My backyard? Absurd! I had doubts I was even in the same universe anymore. I wanted to just take a knee and scream. I wanted to believe it was a dream. I wanted to ignore the reality I was faced with, that I saw with my very own eyes. My family, my friends and my whole life was now gone—unreachable. I was angrier than I was sad—angry at myself.

If I had just taken it more seriously, this wouldn't have happened...

The last of my tears on my face grew cold as the temperature rapidly dropped. The warm jacket I wore felt as warm as if  I stepped into a freezer with a tank top. The addition of the frigid winds told me I needed shelter quickly if I wasn't looking to freeze to death. I had resolved myself, I was to going to take it lightly anymore.
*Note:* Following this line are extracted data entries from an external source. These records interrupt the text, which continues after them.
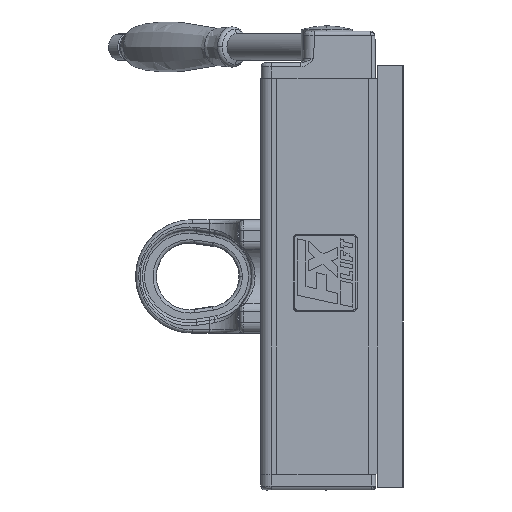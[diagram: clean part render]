
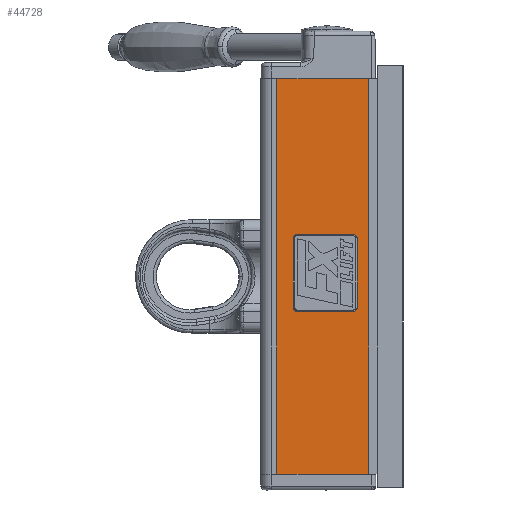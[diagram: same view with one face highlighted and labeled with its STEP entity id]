
A CAD part, left-side view. The second image highlights one B-rep face of the part: STEP entity #44728.
In plain terms, the highlighted planar face has unit normal (-1, 0, 0).
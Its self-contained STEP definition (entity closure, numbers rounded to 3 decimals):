
#175 = CARTESIAN_POINT ( 'NONE',  ( -54.5, -21.512, -26.537 ) ) ;
#182 = CARTESIAN_POINT ( 'NONE',  ( -54.5, -32.5, 150. ) ) ;
#593 = CARTESIAN_POINT ( 'NONE',  ( -54.5, -21.512, 31.756 ) ) ;
#794 = CARTESIAN_POINT ( 'NONE',  ( -54.5, 38., 150. ) ) ;
#1600 = LINE ( 'NONE', #48194, #3096 ) ;
#2502 = VECTOR ( 'NONE', #43506, 1000. ) ;
#2614 = CARTESIAN_POINT ( 'NONE',  ( -54.5, 22.37, 31.756 ) ) ;
#2644 = EDGE_CURVE ( 'NONE', #4997, #54825, #62672, .T. ) ;
#3096 = VECTOR ( 'NONE', #19038, 1000. ) ;
#3362 = B_SPLINE_CURVE_WITH_KNOTS ( 'NONE', 3,
 ( #31783, #31379, #22007, #2614 ),
 .UNSPECIFIED., .F., .F.,
 ( 4, 4 ),
 ( 0.111, 0.222 ),
 .UNSPECIFIED. ) ;
#3656 = VECTOR ( 'NONE', #46480, 1000. ) ;
#3879 = EDGE_CURVE ( 'NONE', #31360, #37095, #28027, .T. ) ;
#3929 = LINE ( 'NONE', #39054, #42788 ) ;
#4997 = VERTEX_POINT ( 'NONE', #52099 ) ;
#5345 = ORIENTED_EDGE ( 'NONE', *, *, #54229, .T. ) ;
#7381 = ORIENTED_EDGE ( 'NONE', *, *, #60217, .T. ) ;
#9454 = CARTESIAN_POINT ( 'NONE',  ( -54.5, 38., 150. ) ) ;
#9886 = DIRECTION ( 'NONE',  ( 0., -1., 0. ) ) ;
#10239 = DIRECTION ( 'NONE',  ( 1., 0., 0. ) ) ;
#10374 = CARTESIAN_POINT ( 'NONE',  ( -54.5, -22.969, 30.299 ) ) ;
#10375 = VECTOR ( 'NONE', #58530, 1000. ) ;
#10585 = CARTESIAN_POINT ( 'NONE',  ( -54.5, 22.37, -26.537 ) ) ;
#12395 = CARTESIAN_POINT ( 'NONE',  ( -54.5, -22.969, 0. ) ) ;
#13379 = LINE ( 'NONE', #182, #10375 ) ;
#14699 = EDGE_CURVE ( 'NONE', #53745, #61493, #3362, .T. ) ;
#15731 = ORIENTED_EDGE ( 'NONE', *, *, #43147, .T. ) ;
#16140 = VERTEX_POINT ( 'NONE', #24750 ) ;
#16333 = B_SPLINE_CURVE_WITH_KNOTS ( 'NONE', 3,
 ( #19525, #48715, #175, #34242 ),
 .UNSPECIFIED., .F., .F.,
 ( 4, 4 ),
 ( 0.556, 0.667 ),
 .UNSPECIFIED. ) ;
#16534 = DIRECTION ( 'NONE',  ( 0., 1., 0. ) ) ;
#17332 = CARTESIAN_POINT ( 'NONE',  ( -54.5, 22.37, 31.756 ) ) ;
#17982 = ORIENTED_EDGE ( 'NONE', *, *, #62842, .F. ) ;
#19038 = DIRECTION ( 'NONE',  ( 0., 0., -1. ) ) ;
#19525 = CARTESIAN_POINT ( 'NONE',  ( -54.5, -22.969, -23.298 ) ) ;
#19750 = CARTESIAN_POINT ( 'NONE',  ( -54.5, -19.731, 31.756 ) ) ;
#21733 = VERTEX_POINT ( 'NONE', #53864 ) ;
#22007 = CARTESIAN_POINT ( 'NONE',  ( -54.5, 24.151, 31.756 ) ) ;
#22013 = FACE_OUTER_BOUND ( 'NONE', #45270, .T. ) ;
#22948 = VERTEX_POINT ( 'NONE', #44412 ) ;
#23964 = ORIENTED_EDGE ( 'NONE', *, *, #29897, .T. ) ;
#24045 = CARTESIAN_POINT ( 'NONE',  ( -54.5, -22.969, 28.518 ) ) ;
#24157 = ORIENTED_EDGE ( 'NONE', *, *, #25681, .T. ) ;
#24573 = ORIENTED_EDGE ( 'NONE', *, *, #2644, .T. ) ;
#24662 = LINE ( 'NONE', #56236, #49063 ) ;
#24675 = CARTESIAN_POINT ( 'NONE',  ( -54.5, 38., 150. ) ) ;
#24750 = CARTESIAN_POINT ( 'NONE',  ( -54.5, 38., -150. ) ) ;
#25429 = LINE ( 'NONE', #35024, #49827 ) ;
#25681 = EDGE_CURVE ( 'NONE', #21733, #4997, #42980, .T. ) ;
#26294 = CARTESIAN_POINT ( 'NONE',  ( -54.5, 0., -26.537 ) ) ;
#28027 = LINE ( 'NONE', #12395, #3656 ) ;
#28075 = CARTESIAN_POINT ( 'NONE',  ( -54.5, -22.969, -23.298 ) ) ;
#29798 = CARTESIAN_POINT ( 'NONE',  ( -54.5, -32.5, -150. ) ) ;
#29897 = EDGE_CURVE ( 'NONE', #53868, #16140, #1600, .T. ) ;
#30293 = VERTEX_POINT ( 'NONE', #29798 ) ;
#31048 = VERTEX_POINT ( 'NONE', #60144 ) ;
#31360 = VERTEX_POINT ( 'NONE', #24045 ) ;
#31379 = CARTESIAN_POINT ( 'NONE',  ( -54.5, 25.608, 30.299 ) ) ;
#31783 = CARTESIAN_POINT ( 'NONE',  ( -54.5, 25.608, 28.518 ) ) ;
#34242 = CARTESIAN_POINT ( 'NONE',  ( -54.5, -19.731, -26.537 ) ) ;
#34853 = CARTESIAN_POINT ( 'NONE',  ( -54.5, 25.608, -25.079 ) ) ;
#34995 = FACE_BOUND ( 'NONE', #60785, .T. ) ;
#35024 = CARTESIAN_POINT ( 'NONE',  ( -54.5, 25.608, 0. ) ) ;
#36888 = ORIENTED_EDGE ( 'NONE', *, *, #14699, .T. ) ;
#37095 = VERTEX_POINT ( 'NONE', #28075 ) ;
#39054 = CARTESIAN_POINT ( 'NONE',  ( -54.5, 0., 31.756 ) ) ;
#39877 = EDGE_CURVE ( 'NONE', #22948, #30293, #13379, .T. ) ;
#41476 = VECTOR ( 'NONE', #16534, 1000. ) ;
#41917 = EDGE_CURVE ( 'NONE', #54825, #53745, #25429, .T. ) ;
#42788 = VECTOR ( 'NONE', #9886, 1000. ) ;
#42980 = LINE ( 'NONE', #26294, #41476 ) ;
#43125 = EDGE_CURVE ( 'NONE', #37095, #21733, #16333, .T. ) ;
#43147 = EDGE_CURVE ( 'NONE', #31048, #31360, #56927, .T. ) ;
#43506 = DIRECTION ( 'NONE',  ( 0., -1., 0. ) ) ;
#44281 = DIRECTION ( 'NONE',  ( 0., 1., 0. ) ) ;
#44412 = CARTESIAN_POINT ( 'NONE',  ( -54.5, -32.5, 150. ) ) ;
#44421 = CARTESIAN_POINT ( 'NONE',  ( -54.5, -22.969, 28.518 ) ) ;
#44607 = CARTESIAN_POINT ( 'NONE',  ( -54.5, 25.608, -23.298 ) ) ;
#44728 = ADVANCED_FACE ( 'NONE', ( #22013, #34995 ), #58810, .F. ) ;
#45270 = EDGE_LOOP ( 'NONE', ( #7381, #62753, #17982, #23964 ) ) ;
#46480 = DIRECTION ( 'NONE',  ( 0., 0., -1. ) ) ;
#48194 = CARTESIAN_POINT ( 'NONE',  ( -54.5, 38., 150. ) ) ;
#48715 = CARTESIAN_POINT ( 'NONE',  ( -54.5, -22.969, -25.079 ) ) ;
#48839 = ORIENTED_EDGE ( 'NONE', *, *, #3879, .T. ) ;
#49063 = VECTOR ( 'NONE', #51333, 1000. ) ;
#49312 = CARTESIAN_POINT ( 'NONE',  ( -54.5, 24.151, -26.537 ) ) ;
#49827 = VECTOR ( 'NONE', #54605, 1000. ) ;
#50630 = CARTESIAN_POINT ( 'NONE',  ( -54.5, 25.608, -23.298 ) ) ;
#51333 = DIRECTION ( 'NONE',  ( 0., -1., 0. ) ) ;
#51863 = ORIENTED_EDGE ( 'NONE', *, *, #41917, .T. ) ;
#52099 = CARTESIAN_POINT ( 'NONE',  ( -54.5, 22.37, -26.537 ) ) ;
#53745 = VERTEX_POINT ( 'NONE', #57642 ) ;
#53864 = CARTESIAN_POINT ( 'NONE',  ( -54.5, -19.731, -26.537 ) ) ;
#53868 = VERTEX_POINT ( 'NONE', #794 ) ;
#54229 = EDGE_CURVE ( 'NONE', #61493, #31048, #3929, .T. ) ;
#54365 = LINE ( 'NONE', #9454, #2502 ) ;
#54605 = DIRECTION ( 'NONE',  ( 0., 0., 1. ) ) ;
#54825 = VERTEX_POINT ( 'NONE', #50630 ) ;
#56236 = CARTESIAN_POINT ( 'NONE',  ( -54.5, 38., -150. ) ) ;
#56808 = AXIS2_PLACEMENT_3D ( 'NONE', #24675, #10239, #44281 ) ;
#56927 = B_SPLINE_CURVE_WITH_KNOTS ( 'NONE', 3,
 ( #19750, #593, #10374, #44421 ),
 .UNSPECIFIED., .F., .F.,
 ( 4, 4 ),
 ( 0.333, 0.444 ),
 .UNSPECIFIED. ) ;
#57642 = CARTESIAN_POINT ( 'NONE',  ( -54.5, 25.608, 28.518 ) ) ;
#58530 = DIRECTION ( 'NONE',  ( 0., 0., -1. ) ) ;
#58810 = PLANE ( 'NONE',  #56808 ) ;
#60144 = CARTESIAN_POINT ( 'NONE',  ( -54.5, -19.731, 31.756 ) ) ;
#60217 = EDGE_CURVE ( 'NONE', #16140, #30293, #24662, .T. ) ;
#60785 = EDGE_LOOP ( 'NONE', ( #24573, #51863, #36888, #5345, #15731, #48839, #61371, #24157 ) ) ;
#61371 = ORIENTED_EDGE ( 'NONE', *, *, #43125, .T. ) ;
#61493 = VERTEX_POINT ( 'NONE', #17332 ) ;
#62672 = B_SPLINE_CURVE_WITH_KNOTS ( 'NONE', 3,
 ( #10585, #49312, #34853, #44607 ),
 .UNSPECIFIED., .F., .F.,
 ( 4, 4 ),
 ( 0.778, 1. ),
 .UNSPECIFIED. ) ;
#62753 = ORIENTED_EDGE ( 'NONE', *, *, #39877, .F. ) ;
#62842 = EDGE_CURVE ( 'NONE', #53868, #22948, #54365, .T. ) ;

Thus, I didn't go on impulse. I needed shelter—yes—but I needed to first remind myself what I had to work with. My thermal jacket was the only warm piece of clothing I had on. As it had become clear it wasn't enough, keeping warm was going to be an issue. I also had a watch on my wrist, a Swiss Army pocket knife, that book, and a lighter in my pocket. It wasn't much, but it was just enough to start a fire. With that covered, the next step was to survey. I had a suspicion that the quarry-like cavity would have a stabler temperature, perhaps it was even warmer. I wanted to confirm it, and if confirmed, find a way down.
I felt the air already was well below freezing; the forest had already started to frost up with the sun completely gone over the horizon. Even walking over to the ledge, I felt cold stiff. Upon gazing below, I couldn't tell by looking if the temperature was more pleasant or not. I did manage to see a way down, despite it getting dark.
I had two options with what I knew: I could try to make a shelter of some kind with the readily available conifer-like trees, or I could attempt the descent.
If I went down, I wasn't going to get back up; however, by how the landscape looked, finding a place to take shelter would be easier, in fact, I saw a spot that could work.